## Your assignment
Tally the lines of the data that include the word "layer" and state the total, nothing else.

Collection entries:
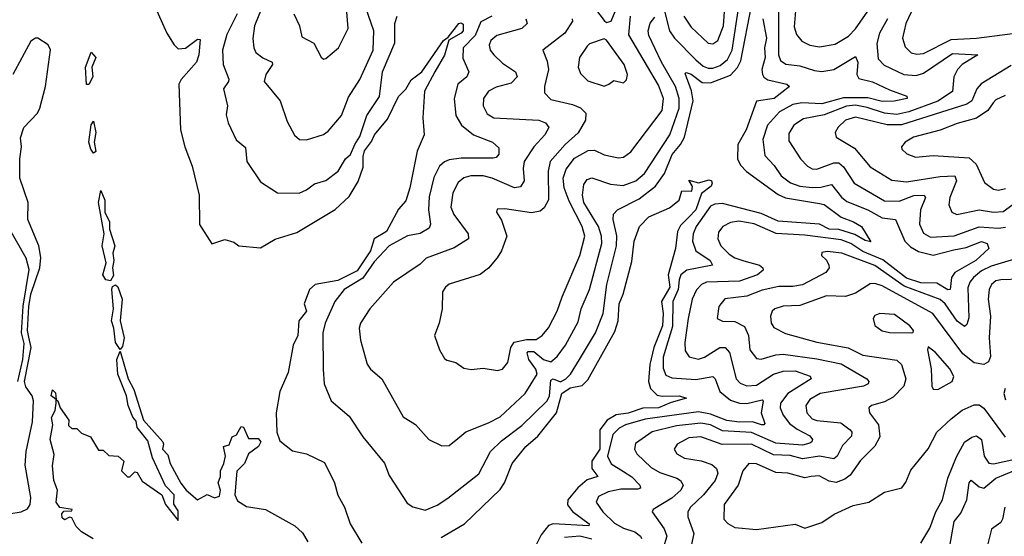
# Model space of a CAD drawing. Extents: x 1245515 to 1420776, y 606314 to 671314.
# Tile 356 of 385: x 1394369 to 1398440, y 642134 to 644271. Entities that reach past the tile are written whole.
import ezdxf

# ---------------------------------------------------------------- set-up
doc = ezdxf.new("R2010")
doc.units = 0

msp = doc.modelspace()

# ---------------------------------------------------------------- linework, layer by layer
at = {"layer": '0CON10XD'}
for points in [[(1395503.2, 644295), (1395526.7, 644245), (1395535, 644200.6), (1395585, 644173.8), (1395615, 644116.2), (1395625, 644108), (1395635, 644110), (1395687.3, 644155), (1395726.6, 644235), (1395712, 644425)], [(1396703.9, 644375), (1396785, 644268.1), (1396795, 644260), (1396815, 644265.6), (1396865, 644389.4)], [(1397581.6, 644375), (1397571.5, 644241.5), (1397580.4, 644210.4), (1397602.5, 644182.5), (1397635.2, 644165.2), (1397675, 644158.6), (1397740.5, 644169.5), (1397795, 644203.4), (1397825, 644233.8), (1397885, 644320.7)], [(1394924, 644335), (1394977.5, 644215), (1395007.3, 644167.3), (1395025, 644151.1), (1395055, 644152.7), (1395105, 644190), (1395115, 644188.8), (1395110, 644125), (1395099.7, 644095), (1395036.3, 644023.7), (1395026.7, 644005), (1395034.3, 643815), (1395051.9, 643745), (1395081.9, 643665), (1395111.8, 643545), (1395113.3, 643423.3), (1395163.8, 643343.8), (1395217.7, 643362.3), (1395255, 643350.8), (1395275.8, 643335.8), (1395365, 643326.7), (1395425, 643362.7), (1395515, 643391.1), (1395674.1, 643485.9), (1395730.7, 643539.3), (1395768.6, 643601.4), (1395789.3, 643660.7), (1395789, 643705), (1395795, 643729.1), (1395823.2, 643766.8), (1395835.5, 643795), (1395890.5, 643859.5), (1395935, 643953.8), (1395965, 643984.2), (1395987.2, 644022.8), (1396031.9, 644055), (1396120.9, 644185), (1396140.7, 644199.3), (1396185, 644255.3), (1396195, 644258.7), (1396202.6, 644252.6), (1396202.2, 644225), (1396194.7, 644215), (1396143.6, 644186.4), (1396125.7, 644124.3), (1396085.4, 644055), (1396042.5, 643975), (1396035.5, 643864.5), (1396040.8, 643795), (1396012.2, 643727.8), (1395982.7, 643575), (1395965, 643522), (1395935, 643487.1), (1395886.1, 643395), (1395834.9, 643365.1), (1395819.7, 643315), (1395765, 643232.6), (1395685, 643191.8), (1395590.6, 643175), (1395567.3, 643155), (1395545.9, 643095), (1395554.5, 643065), (1395523.9, 643025), (1395518.5, 642965), (1395500.4, 642925), (1395479, 642811), (1395445, 642733.3), (1395429.6, 642645), (1395432.1, 642565), (1395445, 642528.8), (1395497.6, 642487.6), (1395555, 642475.6), (1395628.9, 642438.9), (1395671.1, 642355), (1395684, 642304), (1395711.4, 642255), (1395735.5, 642185), (1395783.6, 642105)], [(1395333.8, 644193.8), (1395336.9, 644155), (1395345.5, 644135), (1395375, 644112.7), (1395413.3, 644095), (1395414.6, 644085), (1395386.9, 644045), (1395379.5, 644015), (1395446, 643935), (1395475, 643850), (1395505, 643793.8), (1395525.7, 643775.7), (1395554.4, 643774.4), (1395625, 643796.8), (1395645, 643810), (1395700, 643875), (1395728.9, 643951.1), (1395775, 644024.3), (1395830.5, 644145), (1395832.9, 644225), (1395787.6, 644357.6)], [(1396320.5, 644285), (1396275, 644261.6), (1396252.7, 644205), (1396203, 644155), (1396201.3, 644111.3), (1396226.2, 644055), (1396217.1, 644035), (1396180.3, 644005), (1396164.8, 643945.2), (1396171.9, 643875), (1396195.2, 643835.2), (1396245, 643795.3), (1396324.4, 643765), (1396350.5, 643740.5), (1396349.6, 643715), (1396338.5, 643701.5), (1396325, 643698.1), (1396195, 643698.7), (1396145, 643691.6), (1396125, 643683.1), (1396105.3, 643665), (1396081.3, 643618.7), (1396061.6, 643538.4), (1396059.8, 643485), (1396067.5, 643425), (1396062, 643408), (1396025, 643386.7), (1395972.8, 643377.2), (1395896.2, 643335), (1395835, 643268.9), (1395787.6, 643202.4), (1395710.4, 643155), (1395671.6, 643105), (1395632.8, 643015), (1395622.9, 642975), (1395624.1, 642825), (1395628.5, 642765), (1395656.9, 642695), (1395731.5, 642631.5), (1395788.5, 642545), (1395877.2, 642437.2), (1395896.2, 642385), (1395971.7, 642271.7), (1395995, 642256), (1396045, 642242), (1396095, 642262.9), (1396138.8, 642291.2), (1396267.6, 642392.4), (1396315.8, 642485), (1396360.9, 642529.1), (1396445, 642591.9), (1396549.5, 642695), (1396559, 642715), (1396565, 642779.3), (1396575, 642785.4), (1396605, 642773.2), (1396627.6, 642785), (1396647, 642805), (1396683.5, 642865), (1396749.4, 642975), (1396782, 643055), (1396796.5, 643175), (1396836.3, 643335), (1396837.6, 643377.6), (1396823.1, 643445), (1396824.1, 643465.9), (1396841.1, 643485), (1396929.9, 643530.1), (1396997.7, 643582.3), (1397035.1, 643634.9), (1397067, 643713), (1397101.5, 643755), (1397117.2, 643785), (1397153.5, 643935), (1397146.4, 643976.4), (1397120.9, 644049.1), (1397125, 644052.5), (1397145, 644045.2), (1397191.2, 644011.2), (1397225, 644009.9), (1397307.8, 644042.2), (1397336.7, 644073.3), (1397350.5, 644100.5), (1397396.5, 644335)], [(1397035, 644306.7), (1397055.5, 644225.5), (1397076.5, 644195), (1397163.8, 644105), (1397195, 644079), (1397215, 644070.3), (1397235, 644070.2), (1397265, 644081), (1397295, 644106.1), (1397314.9, 644145), (1397343.6, 644335)], [(1398066, 644326), (1398032.2, 644255), (1398018.7, 644195), (1398029.3, 644159.3), (1398055, 644134.6), (1398078.4, 644128.4), (1398105, 644131.4), (1398220.3, 644189.7), (1398325, 644194.2), (1398474.1, 644214.1)], [(1395268.4, 644295), (1395225, 644209.4), (1395208.1, 644145), (1395210.2, 644085), (1395233.3, 644025), (1395232.9, 644015), (1395212.2, 643985), (1395228.9, 643915), (1395223.2, 643876.8), (1395231.5, 643845), (1395264, 643774), (1395302.5, 643742.5), (1395307.8, 643685), (1395365, 643600), (1395435, 643554.2), (1395525, 643553.3), (1395555, 643566.7), (1395588, 643592), (1395635, 643605.5), (1395685.6, 643645), (1395716.8, 643695), (1395736.8, 643713.2), (1395754.4, 643755), (1395775, 643788.5), (1395804.9, 643875.1), (1395856.3, 643953.7), (1395869.4, 644055), (1395920.2, 644175), (1395920.3, 644255), (1395929.1, 644285)], [(1395367.1, 644312.9), (1395340.3, 644245), (1395333.8, 644193.8)], [(1396653.5, 644275), (1396654.5, 644265), (1396623.2, 644215), (1396531.9, 644145), (1396549.8, 644099.8), (1396555.8, 644065), (1396538.7, 643995), (1396538.2, 643968.2), (1396565, 643940.6), (1396655, 643920), (1396687, 643907), (1396709.6, 643885), (1396708.4, 643855), (1396677.5, 643802.5), (1396624.7, 643755), (1396562.5, 643685), (1396553.8, 643645), (1396554.8, 643525.2), (1396537.9, 643492.1), (1396521.4, 643478.6), (1396485, 643471.6), (1396375, 643488.2), (1396343.1, 643486.9), (1396340, 643475), (1396361.4, 643441.4), (1396383.6, 643375), (1396361.3, 643315), (1396343.8, 643286.2), (1396306.9, 643243.1), (1396272.4, 643217.6), (1396145, 643176.5), (1396129.2, 643165), (1396117.5, 643145), (1396116.2, 643075), (1396103.8, 643015), (1396084.3, 642965), (1396104.2, 642905), (1396125, 642870), (1396135, 642862), (1396172.7, 642852.7), (1396205, 642830), (1396235, 642824.2), (1396285, 642830), (1396345, 642819.2), (1396365, 642826), (1396387, 642853), (1396400.2, 642915), (1396413.2, 642936.8), (1396465, 642948.1), (1396505, 642948), (1396529.1, 642965), (1396555, 642996.5), (1396591.8, 643065), (1396611.2, 643125), (1396685, 643295.7), (1396706.1, 643375), (1396694.6, 643415.4), (1396640.6, 643520.6), (1396619.6, 643575), (1396616.5, 643615), (1396627.9, 643652.1), (1396662.2, 643697.7), (1396719.6, 643730.4), (1396745, 643730.7), (1396785, 643712), (1396845, 643700), (1396865, 643702.9), (1396896.1, 643723.9), (1397024.8, 643895), (1397030.2, 643945), (1397009.5, 643999.5), (1396887.8, 644207.8), (1396894.8, 644285)], [(1397505.5, 644305), (1397506.6, 644125), (1397515, 644102.7), (1397536.9, 644086.9), (1397595, 644080.5), (1397655, 644060.4), (1397685, 644057.2), (1397735, 644064.7), (1397825, 644118.6), (1397834.7, 644094.7), (1397830.3, 644045), (1397837.9, 644027.9), (1397895, 644013.9), (1397965, 643980.2), (1398036.7, 643955), (1398037.5, 643945), (1397983.8, 643933.9), (1397935, 643932.1), (1397875, 643947.8), (1397775, 643948.4), (1397685, 643923.2), (1397603, 643927), (1397565, 643920.5), (1397510, 643890), (1397461.2, 643835), (1397441.1, 643775), (1397449.1, 643709.1), (1397488.3, 643668.3), (1397517.3, 643625), (1397555.8, 643595.8), (1397595, 643581.8), (1397645, 643577.4), (1397681.7, 643578.3), (1397725, 643589.3), (1397766.7, 643536.7), (1397788.7, 643518.6), (1397874.9, 643484.9), (1397935, 643451.6), (1397989.2, 643445), (1398029, 643355), (1398051.8, 643331.8), (1398085, 643311.5), (1398145, 643297.4), (1398231.5, 643318.5), (1398282.1, 643328), (1398345, 643354.1), (1398368.4, 643345), (1398375.2, 643325), (1398322.5, 643275), (1398235.2, 643225), (1398221, 643205), (1398215.9, 643155), (1398205.9, 643154.1), (1398161.3, 643181.3), (1398095, 643182.2), (1398035, 643201.4), (1397937.9, 643277.9), (1397855, 643312.2), (1397805, 643344.7), (1397765, 643361), (1397615, 643380), (1397496.5, 643386.5), (1397405, 643426.7), (1397342.6, 643437.4), (1397308.3, 643431.7), (1397275.5, 643415), (1397258, 643392), (1397255.3, 643365), (1397268.2, 643335), (1397301.7, 643301.7), (1397325, 643286), (1397363.5, 643273.5), (1397427.1, 643255), (1397441.9, 643245), (1397443.1, 643235), (1397419.4, 643215), (1397345, 643189.7), (1397209.2, 643185), (1397187.7, 643175), (1397166.6, 643153.4), (1397148.9, 643115), (1397133, 643035), (1397119.3, 642935), (1397120.7, 642900.7), (1397136.9, 642876.9), (1397175, 642867.1), (1397200.5, 642875), (1397263.1, 642915), (1397285, 642914.6), (1397303.7, 642893.7), (1397330.6, 642785), (1397347.1, 642767.1), (1397375, 642756.7), (1397415, 642759), (1397485, 642804.3), (1397525, 642817), (1397575, 642817.8), (1397637.1, 642797.1), (1397641.1, 642785), (1397545.1, 642724.9), (1397514.1, 642685), (1397512.8, 642665), (1397525.2, 642635), (1397551.3, 642601.3), (1397583.4, 642576.6), (1397635, 642549.4), (1397647.2, 642535), (1397644.5, 642525), (1397635, 642519.2), (1397605, 642511), (1397495, 642519.1), (1397395, 642563), (1397275, 642570.1), (1397225, 642594.9), (1397185, 642602.3), (1397085, 642590.5), (1396984.2, 642565.8), (1396915, 642517.8), (1396911.2, 642495), (1396920, 642475), (1396979.1, 642419.1), (1397015, 642397.8), (1397085.6, 642375), (1397100.9, 642365), (1397111.5, 642345), (1397102.5, 642325), (1397065, 642291.9), (1396988.6, 642245), (1396984.5, 642235.5), (1397033.8, 642165), (1397044.1, 642135), (1397029.5, 642085)], [(1397115.5, 644285.5), (1397145, 644240.4), (1397215, 644174.6), (1397235, 644171.1), (1397255, 644184.6), (1397279.3, 644245), (1397282.8, 644305)], [(1396462.1, 644275), (1396467.5, 644255), (1396445.2, 644234.8), (1396341.1, 644205), (1396316.9, 644185), (1396309.6, 644165), (1396314.6, 644145), (1396329.2, 644125), (1396365, 644091.6), (1396419.4, 644055), (1396426.4, 644035), (1396401.7, 644008.3), (1396338.5, 643991.5), (1396307.3, 643975), (1396287.1, 643945), (1396285.3, 643915), (1396301.2, 643881.2), (1396329.2, 643865), (1396515, 643855.8), (1396543.1, 643845), (1396556.9, 643825), (1396540.8, 643795), (1396494.9, 643745.1), (1396455.2, 643685), (1396450.6, 643655), (1396455.2, 643605), (1396439.7, 643580.3), (1396415, 643575.4), (1396322.5, 643615), (1396285, 643624.5), (1396234.5, 643625.5), (1396205, 643617.1), (1396182.5, 643597.5), (1396159.4, 643555), (1396151.8, 643495), (1396164.1, 643465), (1396223.1, 643385), (1396224.5, 643365), (1396165, 643326.9), (1396049.4, 643285), (1396025, 643260), (1395914.2, 643185.7), (1395816.5, 643075), (1395778.5, 643015), (1395772.7, 642995), (1395778.1, 642945), (1395806.2, 642846.2), (1395819.2, 642825), (1395866.9, 642785), (1395955, 642627.5), (1396006, 642596), (1396060.8, 642535), (1396115, 642508.6), (1396145, 642509.4), (1396181.1, 642538.9), (1396213.5, 642566.5), (1396306.9, 642603.1), (1396355, 642628.7), (1396458.7, 642725), (1396507.9, 642805), (1396503, 642825), (1396474.6, 642865), (1396467.3, 642892.7), (1396471.3, 642898.6), (1396495, 642898.8), (1396535, 642865.7), (1396564.8, 642855.2), (1396591.7, 642878.3), (1396625.5, 642924.5), (1396678.6, 643021.4), (1396690.9, 643075), (1396724.8, 643155), (1396775.8, 643345), (1396774.5, 643375), (1396761.5, 643415), (1396701.2, 643515), (1396696.5, 643545), (1396700.8, 643589.2), (1396715, 643609.6), (1396735, 643616.6), (1396811.1, 643591.1), (1396864.4, 643585.6), (1396916.2, 643605), (1396952.2, 643635), (1397057.3, 643795), (1397095.7, 643905), (1397096.2, 643945), (1397079.8, 643995), (1397022.3, 644095), (1396970, 644205), (1396967.1, 644225), (1396975, 644256), (1396995, 644280.8)], [(1397441.7, 644275), (1397456.1, 644195), (1397448.3, 644155), (1397451.4, 644115), (1397437.9, 644065), (1397439.6, 644045), (1397445, 644033.9), (1397462.5, 644022.5), (1397540, 644005), (1397551.9, 643995), (1397488.8, 643945), (1397415, 643933.8), (1397372.1, 643815), (1397337.9, 643755), (1397336.9, 643695), (1397349.6, 643669.6), (1397373.2, 643643.2), (1397505, 643547.7), (1397535, 643534.4), (1397675, 643510.8), (1397695, 643507.1), (1397765, 643453.7), (1397815.6, 643435), (1397849.6, 643415), (1397887.5, 643352.5), (1397865, 643357.1), (1397821.9, 643381.9), (1397755, 643403.4), (1397715, 643405.1), (1397675, 643425.7), (1397505, 643437.7), (1397435, 643469.3), (1397275, 643510.9), (1397242.3, 643507.7), (1397225, 643499.1), (1397165.6, 643415), (1397153, 643385), (1397150.5, 643355), (1397163.8, 643315), (1397224.3, 643275), (1397232.9, 643255), (1397126.9, 643235), (1397103, 643215), (1397094.9, 643195.1), (1397091.4, 643155), (1397068.8, 643105), (1397067.7, 643002.3), (1397029.8, 642875), (1397029.8, 642829.8), (1397041, 642801), (1397065, 642789.3), (1397165, 642783.3), (1397235, 642795.3), (1397245, 642785.7), (1397263.2, 642733.2), (1397307.2, 642697.2), (1397344.5, 642684.5), (1397375, 642682.8), (1397438.1, 642698.1), (1397442.5, 642692.5), (1397434.7, 642645), (1397449.1, 642600.9), (1397445.8, 642595), (1397435.2, 642594.8), (1397398.1, 642608.1), (1397345, 642606), (1397292.5, 642612.5), (1397225, 642639.4), (1397175, 642648.2), (1396955, 642618.2), (1396873.3, 642595), (1396848.1, 642581.9), (1396821.9, 642555), (1396798.9, 642465), (1396814.1, 642434.1), (1396865, 642401.7), (1396899.8, 642379.8), (1396933.2, 642345), (1396935, 642333.5), (1396925, 642328.4), (1396855, 642329.4), (1396801.7, 642318.3), (1396761.7, 642298.2), (1396752.9, 642275), (1396780.6, 642235), (1396828, 642188), (1396865, 642167), (1396912.8, 642152.8), (1396935.5, 642135), (1396939.5, 642125)], [(1397956.1, 644275), (1397923.2, 644215), (1397912.1, 644172.1), (1397918.8, 644108.8), (1397943, 644083), (1398024.2, 644044.2), (1398075, 644039.6), (1398105, 644050), (1398225, 644131.1), (1398330, 644125), (1398265.4, 644085), (1398245.8, 644065), (1398231.1, 644035), (1398225.5, 643974.5), (1398165.4, 643934.6), (1398045, 643890.3), (1397995, 643878.9), (1397945, 643884.7), (1397872.2, 643907.8), (1397825, 643916.8), (1397787.3, 643912.7), (1397695, 643877.6), (1397609.3, 643860.7), (1397569.1, 643835), (1397549.1, 643800.9), (1397549.3, 643769.3), (1397596.9, 643695), (1397626.4, 643665), (1397645, 643654.2), (1397665, 643653.2), (1397735, 643679.4), (1397755, 643678.8), (1397775, 643661.8), (1397818.9, 643595), (1397945, 643521.7), (1398005, 643520.5), (1398065, 643543.4), (1398108.9, 643545), (1398113.5, 643535), (1398093.4, 643485), (1398089.2, 643425), (1398105, 643388.5), (1398135, 643371), (1398232.8, 643377.2), (1398335, 643414.5), (1398415, 643408), (1398445, 643412.5)], [(1394325, 642226.4), (1394375, 642234.7), (1394401.9, 642248.1), (1394412.3, 642265), (1394415.3, 642294.7), (1394392.2, 642427.8), (1394396.3, 642485), (1394421.9, 642608.1), (1394427, 642695), (1394420.8, 642715), (1394395, 642751.7), (1394389.3, 642775), (1394416.2, 642915), (1394407.2, 642957.2), (1394401.8, 642985), (1394407.1, 643085), (1394415.4, 643135), (1394452.2, 643245), (1394456.7, 643286.7), (1394448.1, 643335), (1394402.4, 643445), (1394404.2, 643515), (1394370.6, 643615), (1394369.3, 643695), (1394377.1, 643745), (1394372.7, 643782.7), (1394386.4, 643825), (1394442.4, 643885), (1394452.8, 643905), (1394476.2, 643995), (1394496.7, 644146.7), (1394487.6, 644167.6), (1394445, 644194.7), (1394434.4, 644195), (1394415, 644181.6), (1394341.3, 644045)], [(1396785, 643995.7), (1396805, 644004.3), (1396825, 644019.4), (1396865, 644010), (1396877.3, 644022.7), (1396881.8, 644045), (1396868.5, 644085), (1396795, 644186.7), (1396785, 644191.2), (1396725, 644170.5), (1396715, 644161.1), (1396683.8, 644115), (1396678.2, 644075), (1396687.9, 644047.9), (1396718, 644018), (1396785, 643995.7)], [(1394655, 644002.5), (1394645, 644002.5), (1394641, 644075), (1394665, 644136.7), (1394683.8, 644115), (1394667.1, 644075), (1394671.9, 644035), (1394655, 644002.5)], [(1398468.3, 644081.7), (1398343.8, 644006.2), (1398326.5, 643985), (1398304.9, 643935.1), (1398285, 643921), (1398015, 643836.1), (1397955, 643836.3), (1397825, 643868.3), (1397782.5, 643855), (1397753.4, 643826.6), (1397740.9, 643805), (1397744.7, 643784.7), (1397819.9, 643739.9), (1397885, 643662.2), (1397975, 643606.8), (1398035, 643600.6), (1398175, 643622.8), (1398235, 643624.5), (1398241.7, 643605), (1398214.2, 643535), (1398210.7, 643505), (1398222.2, 643475), (1398243.3, 643465), (1398335, 643484.3), (1398395.2, 643475.2), (1398435, 643478.1), (1398475, 643506.3)], [(1398442.5, 643957.5), (1398405, 643939.7), (1398393.1, 643926.9), (1398371.9, 643895), (1398325, 643863.2), (1398245, 643841.9), (1398175, 643813.6), (1398064.4, 643785), (1398029.2, 643765), (1398014, 643745), (1398016, 643735), (1398036.3, 643716.3), (1398072.6, 643702.6), (1398145, 643708.7), (1398295, 643699.5), (1398323.6, 643673.6), (1398357.3, 643597.3), (1398395, 643570.4), (1398415, 643565.3), (1398445, 643572.3)], [(1394675, 643719.4), (1394662.8, 643735), (1394654.8, 643764.8), (1394665, 643836.2), (1394675, 643850.8), (1394683.9, 643805), (1394677, 643765), (1394684.3, 643725.7), (1394675, 643719.4)], [(1396111.3, 642128.7), (1396208.7, 642185), (1396355, 642327.3), (1396372.9, 642355), (1396404.8, 642435.2), (1396461.8, 642505), (1396511.9, 642548.1), (1396587.9, 642645), (1396610.8, 642725), (1396645, 642748.4), (1396695, 642757.9), (1396718.4, 642781.6), (1396829.3, 642980.7), (1396843.8, 643025), (1396847.6, 643095), (1396864, 643135), (1396899.2, 643270.8), (1396909.3, 643355), (1396931.9, 643415), (1396970.4, 643455), (1397055, 643492.9), (1397095.5, 643524.5), (1397106.8, 643563.2), (1397148.1, 643561.9), (1397150.6, 643580.6), (1397135, 643606.7), (1397175, 643595.8), (1397219.1, 643609.1), (1397228.8, 643605), (1397232.5, 643595), (1397227.9, 643582.1), (1397188.3, 643551.8), (1397163.8, 643485), (1397135.6, 643454.4), (1397100.6, 643419.4), (1397088.7, 643395), (1397080.7, 643325), (1397049.9, 643215), (1397057.5, 643165), (1397021.9, 643105), (1397029.1, 643055), (1397026.4, 643005), (1396990.8, 642915), (1396974.6, 642845), (1396968.5, 642775), (1396976.9, 642745), (1397005, 642718.1), (1397025, 642713.3), (1397095.3, 642715.3), (1397126, 642705), (1397062.4, 642687.6), (1397010.5, 642665), (1396945, 642663.7), (1396885, 642643.1), (1396835, 642636.1), (1396797.6, 642615), (1396767.6, 642575), (1396767.8, 642495), (1396734.2, 642445), (1396734.3, 642414.3), (1396759.2, 642380.7), (1396715, 642367.9), (1396676.9, 642335), (1396635.5, 642285), (1396633.6, 642263.6), (1396655, 642236.7), (1396723.3, 642185), (1396722.3, 642177.7), (1396575, 642185.6), (1396555, 642178.3), (1396525, 642139.4), (1396493.1, 642076.9)], [(1394745, 643190.6), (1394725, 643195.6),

## Exercise response
2